A safer worker shape

A production worker does not need to be complicated. It needs to be honest about the behaviours it owns.

Here is a more sensible shape:

public sealed class PaymentWorker(
    IServiceScopeFactory scopeFactory,
    ILogger<PaymentWorker> logger)
    : BackgroundService
{
    private static readonly TimeSpan IdleDelay = TimeSpan.FromSeconds(5);
    private static readonly TimeSpan FailureDelay = TimeSpan.FromSeconds(30);

    protected override async Task ExecuteAsync(CancellationToken stopToken)
    {
        logger.LogInformation("Payment worker started.");

        while (!stopToken.IsCancellationRequested)
        {
            try
            {
                var processed = await ProcessBatchAsync(stopToken);

                if (processed == 0)
                {
                    await Task.Delay(IdleDelay, stopToken);
                }
            }
            catch (OperationCanceledException) when (stopToken.IsCancellationRequested)
            {
                break;
            }
            catch (Exception ex)
            {
                logger.LogError(ex, "Payment worker batch failed.");

                await Task.Delay(FailureDelay, stopToken);
            }
        }

        logger.LogInformation("Payment worker stopped.");
    }

    private async Task<int> ProcessBatchAsync(CancellationToken stopToken)
    {
        await using var scope = scopeFactory.CreateAsyncScope();

        var processor = scope.ServiceProvider
            .GetRequiredService<PaymentProcessor>();

        return await processor.ProcessNextBatchAsync(stopToken);
    }
}

This version is still small, but the behaviour is much easier to reason about. Cancellation now flows through the worker properly, idle periods don’t cause a tight loop, and failures are handled separately from shutdown. The worker also creates scoped dependencies in the right place and gives the processor a simple way to tell the loop whether any work was actually done. It still needs domain level safety around idempotency, ownership, retries, and state transitions. The loop cannot solve those alone. But it no longer makes everything worse by default.

The worker should be observable

A worker that only logs errors is hard to operate. You want to know whether it is alive, whether it is doing useful work, how long batches take, how many items it processes, how often it fails, and how old the oldest pending item is. That last one is especially useful. Queue length can lie. A queue with 100 items may be fine if they are fresh. A queue with 3 items may be a serious problem if the oldest one is 12 hours old. At a minimum, record batch duration, processed count, failure count, retry count, and work age. If the worker handles business-critical tasks, expose those numbers in dashboards and alerts.

A background worker should not be trusted just because the process is running. The process can be healthy while the worker is stuck. The worker can be running while the work is failing. Health checks need to reflect actual progress, not just application uptime.

The line is dangerous because it hides decisions

while (true) is not evil.

The problem is that the loop often appears before the team has decided how the worker should behave under pressure.
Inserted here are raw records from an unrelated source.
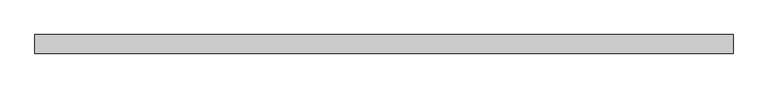
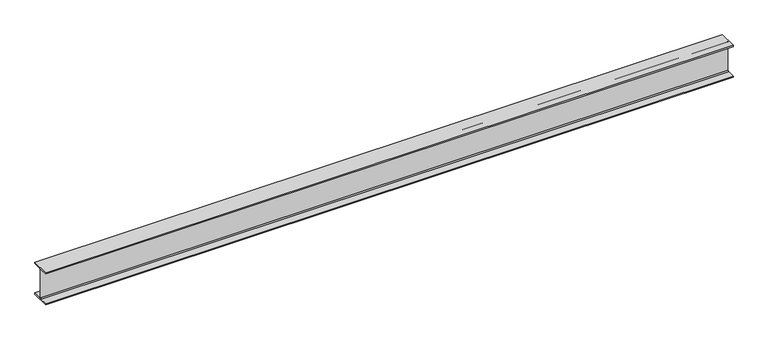
"""IFC4 building model written with IfcOpenShell, lengths in millimetres: beam geometry, Old_Steel Beam_H-KSD3502 : H_SB_ASB_H-340×250x9x14."""

from ifc_helpers import new_model, si_unit, point, frame, frame_2d, origin, place, context, project, spatial, polyline, circle_curve, trimmed, segment, composite_curve, outline, extrude, source, transform, mapped, element, save


def beam_69bffec9(model_context):
    return source(origin(), model_context, "Body", "SweptSolid", [
        extrude(outline(composite_curve([segment(polyline([(82.5, -141.5), (82.5, -151.7), (-82.5, -151.7), (-82.5, -141.5), (-11.9, -141.5)]), True, "CONTINUOUS"), segment(trimmed(circle_curve(frame_2d((-11.9, -132.6)), 8.9), [point((-11.9, -141.5))], [point((-3.0, -132.6))], True, "CARTESIAN"), True, "CONTINUOUS"), segment(polyline([(-3.0, -132.6), (-3.0, 132.6)]), True, "CONTINUOUS"), segment(trimmed(circle_curve(frame_2d((-11.9, 132.6)), 8.9), [point((-3.0, 132.6))], [point((-11.9, 141.5))], True, "CARTESIAN"), True, "CONTINUOUS"), segment(polyline([(-11.9, 141.5), (-82.5, 141.5), (-82.5, 151.7), (82.5, 151.7), (82.5, 141.5), (11.9, 141.5)]), True, "CONTINUOUS"), segment(trimmed(circle_curve(frame_2d((11.9, 132.6)), 8.9), [point((11.9, 141.5))], [point((3.0, 132.6))], True, "CARTESIAN"), True, "CONTINUOUS"), segment(polyline([(3.0, 132.6), (3.0, -132.6)]), True, "CONTINUOUS"), segment(trimmed(circle_curve(frame_2d((11.9, -132.6)), 8.9), [point((3.0, -132.6))], [point((11.9, -141.5))], True, "CARTESIAN"), True, "CONTINUOUS"), segment(polyline([(11.9, -141.5), (82.5, -141.5)]), True, "CONTINUOUS")], self_intersect=False)), frame((-3087.3, 0.0, 0.0), z_axis=(1.0, 0.0, 0.0), x_axis=(0.0, 1.0, 0.0)), (0.0, 0.0, 1.0), 6174.6),
    ])


if __name__ == "__main__":
    model = new_model("IFC4")
    model_context = context("Model", 3, world=origin())
    ifc_project = project(units=[si_unit("LENGTHUNIT", "METRE", prefix="MILLI")], contexts=[model_context])
    site = spatial("IfcSite", under=ifc_project)
    building = spatial("IfcBuilding", under=site)
    placement = place(None, origin())
    beam_shape = beam_69bffec9(model_context)
    element("IfcBeam", 1, ObjectType="Old_Steel Beam_H-KSD3502 : H_SB_ASB_H-340×250x9x14", at=placement, inside=building, context=model_context, shape_type="MappedRepresentation", body=[
        mapped(beam_shape, transform((0.0, 0.0, 0.0), x_axis=(1.0, 0.0, 0.0), y_axis=(0.0, 1.0, 0.0), z_axis=(0.0, 0.0, 1.0))),
    ])
    save(model, "model.ifc")

# Revit data of these elements
# Type "Old_Steel Beam_H-KSD3502 : H_SB_ASB_H-340×250x9x14"
#   Width = 25.0 cm
#   Web Thickness = 0.9 cm
#   Web Fillet = 2.0 cm
#   Warping Constant = 968661.0 cm⁶
#   Torsional Moment of Inertia = 53.6551 cm⁴
#   Torsional Modulus = 1.0 cm³
#   Section Area = 101.5 cm²
#   Plastic Modulus weak axis = 447.0 cm³
#   Plastic Modulus strong axis = 1410.0 cm³
#   Perimeter = 1.63 m²/m
#   Nominal Weight = 79.70 kgf/m
#   Moment of Inertia weak axis = 3650.00 cm⁴
#   Moment of Inertia strong axis = 21700.00 cm⁴
#   Height = 34.0 cm
#   Flange Thickness = 1.4 cm
#   Elastic Modulus weak axis = 292.0 cm³
#   Elastic Modulus strong axis = 1280.0 cm³
#   Centroid Vertical = 17.0 cm
#   Centroid Horizontal = 12.5 cm
#   Length [instance default] = 1.5240 m
#   Structural Material [instance default] = Steel, 45-345
#   Assembly Code = ""
# Element 1 (IfcBeam, "Old_Steel Beam_H-KSD3502 : H_SB_ASB_H-340×250x9x14")
#   Structural Material = none
# Materials
#   "Steel, 45-345": class "Metal", colour RGB 189 187 185, transparency 0, Description = "Steel 345 MPa", Cost = 0
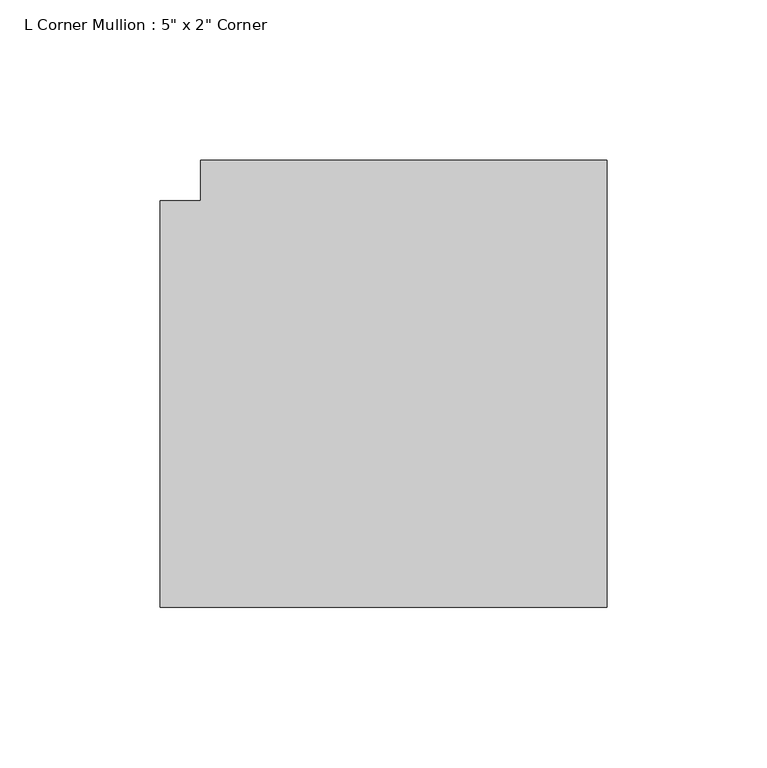
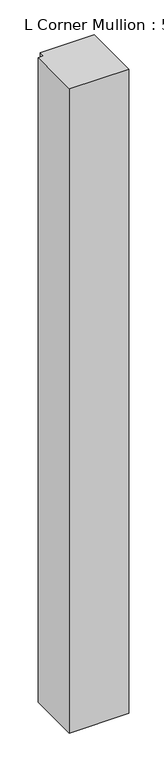
"""IFC4 building model written with IfcOpenShell, lengths in millimetres: member geometry."""

from ifc_helpers import new_model, si_unit, frame, origin, place, context, project, spatial, polyline, outline, extrude, source, transform, mapped, element, save


def member_5b126e42(model_context):
    return source(origin(), model_context, "Body", "SweptSolid", [
        extrude(outline(polyline([(63.5, 76.2), (63.5, -63.5), (-76.2, -63.5), (-76.2, 63.5), (-63.5, 63.5), (-63.5, 76.2), (63.5, 76.2)])), frame((0.0, 0.0, -1600.2), z_axis=(0.0, 0.0, 1.0), x_axis=(1.0, 0.0, 0.0)), (0.0, 0.0, 1.0), 1600.2),
    ])


if __name__ == "__main__":
    model = new_model("IFC4")
    model_context = context("Model", 3, world=origin())
    ifc_project = project(units=[si_unit("LENGTHUNIT", "METRE", prefix="MILLI")], contexts=[model_context])
    site = spatial("IfcSite", under=ifc_project)
    building = spatial("IfcBuilding", under=site)
    placement = place(None, origin())
    member_shape = member_5b126e42(model_context)
    element("IfcMember", 1, ObjectType="L Corner Mullion : 5\" x 2\" Corner", at=placement, inside=building, context=model_context, shape_type="MappedRepresentation", body=[
        mapped(member_shape, transform((0.0, 0.0, 0.0), x_axis=(1.0, 0.0, 0.0), y_axis=(0.0, 1.0, 0.0), z_axis=(0.0, 0.0, 1.0))),
    ])
    save(model, "model.ifc")

# Revit data of these elements
# Type "L Corner Mullion : 5\" x 2\" Corner"
#   built-in parameter 1007355 = 0.25 (stored number, unit not read)
#   built-in parameter 1007354 = 0.25 (stored number, unit not read)
#   built-in parameter 1007304 = 0.416667 (stored number, unit not read)
# Element 1 (IfcMember, "L Corner Mullion : 5\" x 2\" Corner")
#   Materials on its faces: "Metal - Aluminum"
# Materials
#   "Metal - Aluminum": class "Metal", colour RGB 109 108 108, transparency 0
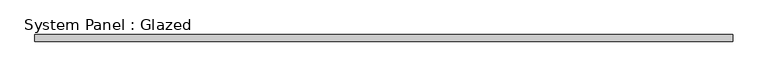
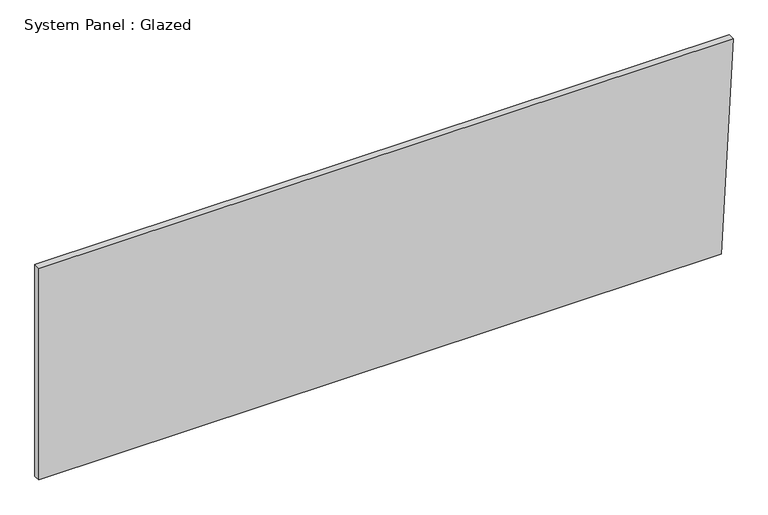
"""IFC4 building model written with IfcOpenShell, lengths in millimetres: plate geometry, System Panel : Glazed."""

import ifcopenshell
import ifcopenshell.guid

model = None  # the IFC model being written
_history = None  # IfcOwnerHistory: only IFC2X3 demands one
_inside = {}  # id of a spatial element -> (the spatial element, [elements in it])
_under = {}  # id of a project, library or spatial element -> (it, [spatial elements below it])
_declared = {}  # id of a project -> (the project, [libraries it declares])
_typed = {}  # id of a type object -> (the type object, [elements of that type])
_made_of = {}  # id of a material, layer set ... -> (it, [elements and type objects made of it])


def new_model(schema):
    """Start an empty IFC model of exactly this schema.

    Asked for "IFC4X3", IfcOpenShell would pick the latest addendum, in which some entities
    have other attributes; the version numbers below select the first issue.
    IFC2X3 requires an IfcOwnerHistory on every rooted entity: one is made here for all.
    """
    global model, _history
    if schema == "IFC4X3":
        model = ifcopenshell.file(schema_version=(4, 3, 0, 0))
    else:
        model = ifcopenshell.file(schema=schema)
    _inside.clear()
    _under.clear()
    _declared.clear()
    _typed.clear()
    _made_of.clear()
    _history = None
    if model.schema == "IFC2X3":
        org = make("IfcOrganization", Name="unknown")
        user = make(
            "IfcPersonAndOrganization",
            ThePerson=make("IfcPerson", FamilyName="unknown"),
            TheOrganization=org,
        )
        app = make(
            "IfcApplication",
            ApplicationDeveloper=org,
            Version="unknown",
            ApplicationFullName="unknown",
            ApplicationIdentifier="unknown",
        )
        _history = make(
            "IfcOwnerHistory",
            OwningUser=user,
            OwningApplication=app,
            ChangeAction="ADDED",
            CreationDate=0,
        )
    return model


def make(cls, **values):
    """One entity of the class cls with the attributes given. An attribute that is None is left unset."""
    return model.create_entity(
        cls, **{name: value for name, value in values.items() if value is not None}
    )


def rooted(cls, **values):
    """An entity with a GlobalId (a new one), such as an element, a storey or a relation."""
    return make(cls, GlobalId=ifcopenshell.guid.new(), OwnerHistory=_history, **values)


def si_unit(unit_type, name, prefix=None):
    """IfcSIUnit, for example si_unit("LENGTHUNIT", "METRE", prefix="MILLI")."""
    return make("IfcSIUnit", UnitType=unit_type, Prefix=prefix, Name=name)


def assignment(units):
    """IfcUnitAssignment: the units of a project."""
    return None if units is None else make("IfcUnitAssignment", Units=units)


def point(xyz):
    """IfcCartesianPoint."""
    return None if xyz is None else make("IfcCartesianPoint", Coordinates=xyz)


def direction(xyz):
    """IfcDirection."""
    return None if xyz is None else make("IfcDirection", DirectionRatios=xyz)


def frame(location, z_axis=None, x_axis=None):
    """IfcAxis2Placement3D, a coordinate frame: its origin and axes. An axis left out is left unset."""
    return make(
        "IfcAxis2Placement3D",
        Location=point(location),
        Axis=direction(z_axis),
        RefDirection=direction(x_axis),
    )


def origin():
    """The frame at (0, 0, 0) with its axes left unset."""
    return frame((0.0, 0.0, 0.0))


def place(relative_to, where):
    """IfcLocalPlacement: puts the frame where relative to a parent placement (None: the world)."""
    return make(
        "IfcLocalPlacement", PlacementRelTo=relative_to, RelativePlacement=where
    )


def context(
    kind, dimensions, precision=None, world=None, true_north=None, identifier=None
):
    """IfcGeometricRepresentationContext, for example the 3D "Model" context."""
    return make(
        "IfcGeometricRepresentationContext",
        ContextIdentifier=identifier,
        ContextType=kind,
        CoordinateSpaceDimension=dimensions,
        Precision=precision,
        WorldCoordinateSystem=world,
        TrueNorth=true_north,
    )


def project(units=None, contexts=None):
    """IfcProject with its units and contexts."""
    return rooted(
        "IfcProject",
        Name="project",
        RepresentationContexts=contexts,
        UnitsInContext=assignment(units),
    )


def spatial(cls, under=None, at=None, **own):
    """A site, building, storey or space (cls), placed at a placement, below another one or the project."""
    s = rooted(cls, ObjectPlacement=at, **own)
    if under is not None:
        _under.setdefault(under.id(), (under, []))[1].append(s)
    return s


def polyline(points):
    """IfcPolyline through the points."""
    return make("IfcPolyline", Points=[point(p) for p in points])


def outline(outer, holes=None, kind="AREA"):
    """IfcArbitraryClosedProfileDef: a profile drawn as a closed curve; with holes, ...WithVoids."""
    if holes is None:
        return make("IfcArbitraryClosedProfileDef", ProfileType=kind, OuterCurve=outer)
    return make(
        "IfcArbitraryProfileDefWithVoids",
        ProfileType=kind,
        OuterCurve=outer,
        InnerCurves=holes,
    )


def extrude(swept, where, along, depth):
    """IfcExtrudedAreaSolid: the profile swept, set in the frame where, extruded along a direction by depth."""
    return make(
        "IfcExtrudedAreaSolid",
        SweptArea=swept,
        Position=where,
        ExtrudedDirection=direction(along),
        Depth=depth,
    )


def shape(context_of_items, identifier, shape_type, items):
    """IfcShapeRepresentation: the items that make up one representation, for example the "Body"."""
    return make(
        "IfcShapeRepresentation",
        ContextOfItems=context_of_items,
        RepresentationIdentifier=identifier,
        RepresentationType=shape_type,
        Items=items,
    )


def source(mapping_origin, context_of_items, identifier, shape_type, items):
    """IfcRepresentationMap: a shape defined once, which mapped items show again and again."""
    return make(
        "IfcRepresentationMap",
        MappingOrigin=mapping_origin,
        MappedRepresentation=shape(context_of_items, identifier, shape_type, items),
    )


def transform(
    local_origin,
    x_axis=None,
    y_axis=None,
    z_axis=None,
    scale=None,
    scale2=None,
    scale3=None,
    uniform=True,
):
    """IfcCartesianTransformationOperator3D, or its non-uniform kind. x_axis, y_axis, z_axis: its Axis1, 2, 3."""
    if uniform:
        return make(
            "IfcCartesianTransformationOperator3D",
            Axis1=direction(x_axis),
            Axis2=direction(y_axis),
            LocalOrigin=point(local_origin),
            Scale=scale,
            Axis3=direction(z_axis),
        )
    return make(
        "IfcCartesianTransformationOperator3DnonUniform",
        Axis1=direction(x_axis),
        Axis2=direction(y_axis),
        LocalOrigin=point(local_origin),
        Scale=scale,
        Axis3=direction(z_axis),
        Scale2=scale2,
        Scale3=scale3,
    )


def mapped(mapping_source, mapping_target):
    """IfcMappedItem: shows the shape of a source again, moved by a transform."""
    return make(
        "IfcMappedItem", MappingSource=mapping_source, MappingTarget=mapping_target
    )


def made_of(thing, what):
    """Note that an element or type object is made of a material, layer set ...; save() writes the relation."""
    if what is not None:
        _made_of.setdefault(what.id(), (what, []))[1].append(thing)
    return thing


def element(
    cls,
    number,
    at=None,
    inside=None,
    cuts=None,
    type_object=None,
    material=None,
    context=None,
    identifier="Body",
    shape_type=None,
    held_by="IfcProductDefinitionShape",
    body=None,
    shapes=None,
    **own,
):
    """One element of the class cls, such as IfcWall. Its Tag is "e" and its number.

    at: its placement. inside: the storey or other place that contains it. cuts: it is an
    opening in that element (IfcRelVoidsElement). A single representation is given by context,
    identifier, shape_type and body (its items); several are given by shapes. held_by: the class
    of the entity that holds the representations. save() writes the other relations.
    """
    e = rooted(cls, Tag="e%d" % number, ObjectPlacement=at, **own)
    if body is not None:
        shapes = [shape(context, identifier, shape_type, body)]
    if shapes is not None:
        e.Representation = make(held_by, Representations=shapes)
    if inside is not None:
        _inside.setdefault(inside.id(), (inside, []))[1].append(e)
    if cuts is not None:
        rooted(
            "IfcRelVoidsElement", RelatingBuildingElement=cuts, RelatedOpeningElement=e
        )
    if type_object is not None:
        _typed.setdefault(type_object.id(), (type_object, []))[1].append(e)
    return made_of(e, material)


def aggregate(whole, parts):
    """IfcRelAggregates: a whole, such as a stair, and the parts it consists of."""
    return rooted("IfcRelAggregates", RelatingObject=whole, RelatedObjects=parts)


def save(model, path):
    """Write the relations noted so far, then the file.

    IfcRelAggregates (storeys below a building ...), IfcRelContainedInSpatialStructure (elements
    in a storey), IfcRelDefinesByType, IfcRelAssociatesMaterial and IfcRelDeclares: one each for
    every whole, place, type object, material and project.
    """
    for whole, parts in _under.values():
        aggregate(whole, parts)
    for where, things in _inside.values():
        rooted(
            "IfcRelContainedInSpatialStructure",
            RelatedElements=things,
            RelatingStructure=where,
        )
    for kind, things in _typed.values():
        rooted("IfcRelDefinesByType", RelatedObjects=things, RelatingType=kind)
    for what, things in _made_of.values():
        rooted("IfcRelAssociatesMaterial", RelatedObjects=things, RelatingMaterial=what)
    for by, libraries in _declared.values():
        rooted("IfcRelDeclares", RelatingContext=by, RelatedDefinitions=libraries)
    model.write(path)


def system_panel_glazed_ef221876(model_context):
    return source(origin(), model_context, "Body", "SweptSolid", [
        extrude(outline(polyline([(0.0, -1343.1943436), (0.0, 1297.8713084), (866.0018549, 1343.1943436), (866.0018549, -1343.1943436), (0.0, -1343.1943436)])), frame((0.0, -44.45, 0.0), z_axis=(0.0, 1.0, 0.0), x_axis=(0.0, 0.0, 1.0)), (0.0, 0.0, 1.0), 25.4),
    ])


if __name__ == "__main__":
    model = new_model("IFC4")
    model_context = context("Model", 3, world=origin())
    ifc_project = project(units=[si_unit("LENGTHUNIT", "METRE", prefix="MILLI")], contexts=[model_context])
    site = spatial("IfcSite", under=ifc_project)
    building = spatial("IfcBuilding", under=site)
    placement = place(None, origin())
    system_panel_glazed_shape = system_panel_glazed_ef221876(model_context)
    element("IfcPlate", 1, ObjectType="System Panel : Glazed", at=placement, inside=building, context=model_context, shape_type="MappedRepresentation", body=[
        mapped(system_panel_glazed_shape, transform((0.0, 0.0, 0.0), x_axis=(1.0, 0.0, 0.0), y_axis=(0.0, 1.0, 0.0), z_axis=(0.0, 0.0, 1.0))),
    ])
    save(model, "model.ifc")

# Revit data of these elements
# Type "System Panel : Glazed"
#   Construction Type Id = "GSP4R"
#   Analytic Construction = "1/8 in Pilkington single glazing"
#   Visual Light Transmittance = 0.9
#   Solar Heat Gain Coefficient = 0.86
#   Heat Transfer Coefficient (U) = 1.18115 BTU/(h·ft²·°F)
#   Define Thermal Properties by = 1
# Element 1 (IfcPlate, "System Panel : Glazed")
#   Materials on its faces: "Glass"
# Materials
#   "Glass": class "Glass", colour RGB 0 128 192, transparency 0.75, Description = "Soda Lime Glass", Cost = 0

An idle queue, a failed database call, a half-successful external API request, or a poison message all need different handling. So does deployment shutdown. So does running more than one worker at the same time. Those decisions are easy to ignore when the code is just a loop. They’re much harder to ignore at 2am when the same job keeps running, failing, retrying, and touching production data. A good worker answers those questions in code. A bad worker answers them during the incident.

The most dangerous line in a .NET background worker is not dangerous because it is clever.

Its dangerous because it is ordinary.

while (true)

It slips through code review because everyone understands it. It works locally because there is no real load, no deployment pressure, no duplicate worker, no flaky dependency, and no awkward half-success from an external provider. Then production adds all of those things at once.

A background worker is not just a loop. It is a production workflow running without a user watching it. Treat it with the same seriousness you give your APIs, because when it fails, it may fail quietly, repeatedly, and expensively.